WORKING DATA Block Start

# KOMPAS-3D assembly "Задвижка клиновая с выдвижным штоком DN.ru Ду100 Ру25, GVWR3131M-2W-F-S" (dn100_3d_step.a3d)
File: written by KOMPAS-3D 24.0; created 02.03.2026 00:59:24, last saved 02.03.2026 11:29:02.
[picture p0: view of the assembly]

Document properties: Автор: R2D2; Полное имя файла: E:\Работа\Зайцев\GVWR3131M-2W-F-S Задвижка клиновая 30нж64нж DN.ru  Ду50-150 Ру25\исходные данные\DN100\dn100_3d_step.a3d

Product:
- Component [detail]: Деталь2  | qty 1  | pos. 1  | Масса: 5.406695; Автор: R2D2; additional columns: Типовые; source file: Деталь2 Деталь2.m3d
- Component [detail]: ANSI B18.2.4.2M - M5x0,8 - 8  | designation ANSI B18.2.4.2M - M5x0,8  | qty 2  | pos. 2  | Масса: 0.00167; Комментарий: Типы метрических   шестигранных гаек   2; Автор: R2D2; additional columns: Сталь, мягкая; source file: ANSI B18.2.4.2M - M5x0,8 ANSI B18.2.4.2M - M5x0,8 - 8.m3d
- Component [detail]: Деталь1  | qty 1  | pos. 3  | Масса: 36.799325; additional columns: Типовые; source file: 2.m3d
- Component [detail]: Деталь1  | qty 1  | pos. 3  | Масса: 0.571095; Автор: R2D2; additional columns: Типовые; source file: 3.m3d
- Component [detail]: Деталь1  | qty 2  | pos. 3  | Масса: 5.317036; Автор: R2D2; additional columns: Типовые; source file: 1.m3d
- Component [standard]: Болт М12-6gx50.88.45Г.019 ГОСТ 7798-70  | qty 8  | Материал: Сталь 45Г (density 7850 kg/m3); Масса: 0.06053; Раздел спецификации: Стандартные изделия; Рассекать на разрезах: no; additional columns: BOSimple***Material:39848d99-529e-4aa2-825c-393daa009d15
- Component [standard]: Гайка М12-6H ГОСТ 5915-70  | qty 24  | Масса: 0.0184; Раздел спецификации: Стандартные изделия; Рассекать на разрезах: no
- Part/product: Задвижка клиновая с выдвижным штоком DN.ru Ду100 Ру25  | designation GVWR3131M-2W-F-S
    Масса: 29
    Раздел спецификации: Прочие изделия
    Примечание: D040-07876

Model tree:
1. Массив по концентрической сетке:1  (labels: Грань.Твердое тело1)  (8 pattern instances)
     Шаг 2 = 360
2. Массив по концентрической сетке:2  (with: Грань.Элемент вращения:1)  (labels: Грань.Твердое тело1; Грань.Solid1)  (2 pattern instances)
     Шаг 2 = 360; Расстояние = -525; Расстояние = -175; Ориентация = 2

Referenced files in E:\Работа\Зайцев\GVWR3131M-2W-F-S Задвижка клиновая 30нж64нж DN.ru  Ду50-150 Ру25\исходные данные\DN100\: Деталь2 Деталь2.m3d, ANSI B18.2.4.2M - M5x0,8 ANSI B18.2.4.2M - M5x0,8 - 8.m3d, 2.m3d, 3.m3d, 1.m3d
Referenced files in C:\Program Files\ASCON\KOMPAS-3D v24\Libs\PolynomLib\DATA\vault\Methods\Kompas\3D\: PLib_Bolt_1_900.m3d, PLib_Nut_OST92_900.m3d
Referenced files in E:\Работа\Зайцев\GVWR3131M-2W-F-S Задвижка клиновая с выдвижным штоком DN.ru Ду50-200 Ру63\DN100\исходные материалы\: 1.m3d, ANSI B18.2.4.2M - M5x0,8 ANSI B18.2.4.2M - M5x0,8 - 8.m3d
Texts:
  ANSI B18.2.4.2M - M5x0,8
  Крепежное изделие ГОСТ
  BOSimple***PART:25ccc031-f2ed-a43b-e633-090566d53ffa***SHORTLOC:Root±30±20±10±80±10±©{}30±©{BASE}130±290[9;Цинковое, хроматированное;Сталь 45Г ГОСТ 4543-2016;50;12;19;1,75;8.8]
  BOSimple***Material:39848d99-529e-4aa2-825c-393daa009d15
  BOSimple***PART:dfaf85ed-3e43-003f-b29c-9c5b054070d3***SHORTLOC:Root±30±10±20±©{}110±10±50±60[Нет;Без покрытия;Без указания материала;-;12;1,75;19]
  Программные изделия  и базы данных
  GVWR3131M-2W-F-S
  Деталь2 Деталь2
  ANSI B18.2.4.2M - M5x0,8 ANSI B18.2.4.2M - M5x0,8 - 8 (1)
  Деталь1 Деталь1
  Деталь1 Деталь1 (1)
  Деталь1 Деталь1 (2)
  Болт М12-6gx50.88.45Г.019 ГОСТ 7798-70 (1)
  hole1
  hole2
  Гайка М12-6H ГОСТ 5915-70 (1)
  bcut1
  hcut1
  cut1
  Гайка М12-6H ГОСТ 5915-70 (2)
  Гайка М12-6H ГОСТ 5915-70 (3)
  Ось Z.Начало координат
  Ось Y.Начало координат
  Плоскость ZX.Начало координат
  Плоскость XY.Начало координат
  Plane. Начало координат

WORKING DATA Block End

▶ **PROBLEM TO SOLVE**
Retype the material exactly, including every line.

▶ **PROBLEM SOLUTION**
# KOMPAS-3D assembly "Задвижка клиновая с выдвижным штоком DN.ru Ду100 Ру25, GVWR3131M-2W-F-S" (dn100_3d_step.a3d)
File: written by KOMPAS-3D 24.0; created 02.03.2026 00:59:24, last saved 02.03.2026 11:29:02.
[picture p0: view of the assembly]

Document properties: Автор: R2D2; Полное имя файла: E:\Работа\Зайцев\GVWR3131M-2W-F-S Задвижка клиновая 30нж64нж DN.ru  Ду50-150 Ру25\исходные данные\DN100\dn100_3d_step.a3d

Product:
- Component [detail]: Деталь2  | qty 1  | pos. 1  | Масса: 5.406695; Автор: R2D2; additional columns: Типовые; source file: Деталь2 Деталь2.m3d
- Component [detail]: ANSI B18.2.4.2M - M5x0,8 - 8  | designation ANSI B18.2.4.2M - M5x0,8  | qty 2  | pos. 2  | Масса: 0.00167; Комментарий: Типы метрических   шестигранных гаек   2; Автор: R2D2; additional columns: Сталь, мягкая; source file: ANSI B18.2.4.2M - M5x0,8 ANSI B18.2.4.2M - M5x0,8 - 8.m3d
- Component [detail]: Деталь1  | qty 1  | pos. 3  | Масса: 36.799325; additional columns: Типовые; source file: 2.m3d
- Component [detail]: Деталь1  | qty 1  | pos. 3  | Масса: 0.571095; Автор: R2D2; additional columns: Типовые; source file: 3.m3d
- Component [detail]: Деталь1  | qty 2  | pos. 3  | Масса: 5.317036; Автор: R2D2; additional columns: Типовые; source file: 1.m3d
- Component [standard]: Болт М12-6gx50.88.45Г.019 ГОСТ 7798-70  | qty 8  | Материал: Сталь 45Г (density 7850 kg/m3); Масса: 0.06053; Раздел спецификации: Стандартные изделия; Рассекать на разрезах: no; additional columns: BOSimple***Material:39848d99-529e-4aa2-825c-393daa009d15
- Component [standard]: Гайка М12-6H ГОСТ 5915-70  | qty 24  | Масса: 0.0184; Раздел спецификации: Стандартные изделия; Рассекать на разрезах: no
- Part/product: Задвижка клиновая с выдвижным штоком DN.ru Ду100 Ру25  | designation GVWR3131M-2W-F-S
    Масса: 29
    Раздел спецификации: Прочие изделия
    Примечание: D040-07876

Model tree:
1. Массив по концентрической сетке:1  (labels: Грань.Твердое тело1)  (8 pattern instances)
     Шаг 2 = 360
2. Массив по концентрической сетке:2  (with: Грань.Элемент вращения:1)  (labels: Грань.Твердое тело1; Грань.Solid1)  (2 pattern instances)
     Шаг 2 = 360; Расстояние = -525; Расстояние = -175; Ориентация = 2

Referenced files in E:\Работа\Зайцев\GVWR3131M-2W-F-S Задвижка клиновая 30нж64нж DN.ru  Ду50-150 Ру25\исходные данные\DN100\: Деталь2 Деталь2.m3d, ANSI B18.2.4.2M - M5x0,8 ANSI B18.2.4.2M - M5x0,8 - 8.m3d, 2.m3d, 3.m3d, 1.m3d
Referenced files in C:\Program Files\ASCON\KOMPAS-3D v24\Libs\PolynomLib\DATA\vault\Methods\Kompas\3D\: PLib_Bolt_1_900.m3d, PLib_Nut_OST92_900.m3d
Referenced files in E:\Работа\Зайцев\GVWR3131M-2W-F-S Задвижка клиновая с выдвижным штоком DN.ru Ду50-200 Ру63\DN100\исходные материалы\: 1.m3d, ANSI B18.2.4.2M - M5x0,8 ANSI B18.2.4.2M - M5x0,8 - 8.m3d
Texts:
  ANSI B18.2.4.2M - M5x0,8
  Крепежное изделие ГОСТ
  BOSimple***PART:25ccc031-f2ed-a43b-e633-090566d53ffa***SHORTLOC:Root±30±20±10±80±10±©{}30±©{BASE}130±290[9;Цинковое, хроматированное;Сталь 45Г ГОСТ 4543-2016;50;12;19;1,75;8.8]
  BOSimple***Material:39848d99-529e-4aa2-825c-393daa009d15
  BOSimple***PART:dfaf85ed-3e43-003f-b29c-9c5b054070d3***SHORTLOC:Root±30±10±20±©{}110±10±50±60[Нет;Без покрытия;Без указания материала;-;12;1,75;19]
  Программные изделия  и базы данных
  GVWR3131M-2W-F-S
  Деталь2 Деталь2
  ANSI B18.2.4.2M - M5x0,8 ANSI B18.2.4.2M - M5x0,8 - 8 (1)
  Деталь1 Деталь1
  Деталь1 Деталь1 (1)
  Деталь1 Деталь1 (2)
  Болт М12-6gx50.88.45Г.019 ГОСТ 7798-70 (1)
  hole1
  hole2
  Гайка М12-6H ГОСТ 5915-70 (1)
  bcut1
  hcut1
  cut1
  Гайка М12-6H ГОСТ 5915-70 (2)
  Гайка М12-6H ГОСТ 5915-70 (3)
  Ось Z.Начало координат
  Ось Y.Начало координат
  Плоскость ZX.Начало координат
  Плоскость XY.Начало координат
  Plane. Начало координат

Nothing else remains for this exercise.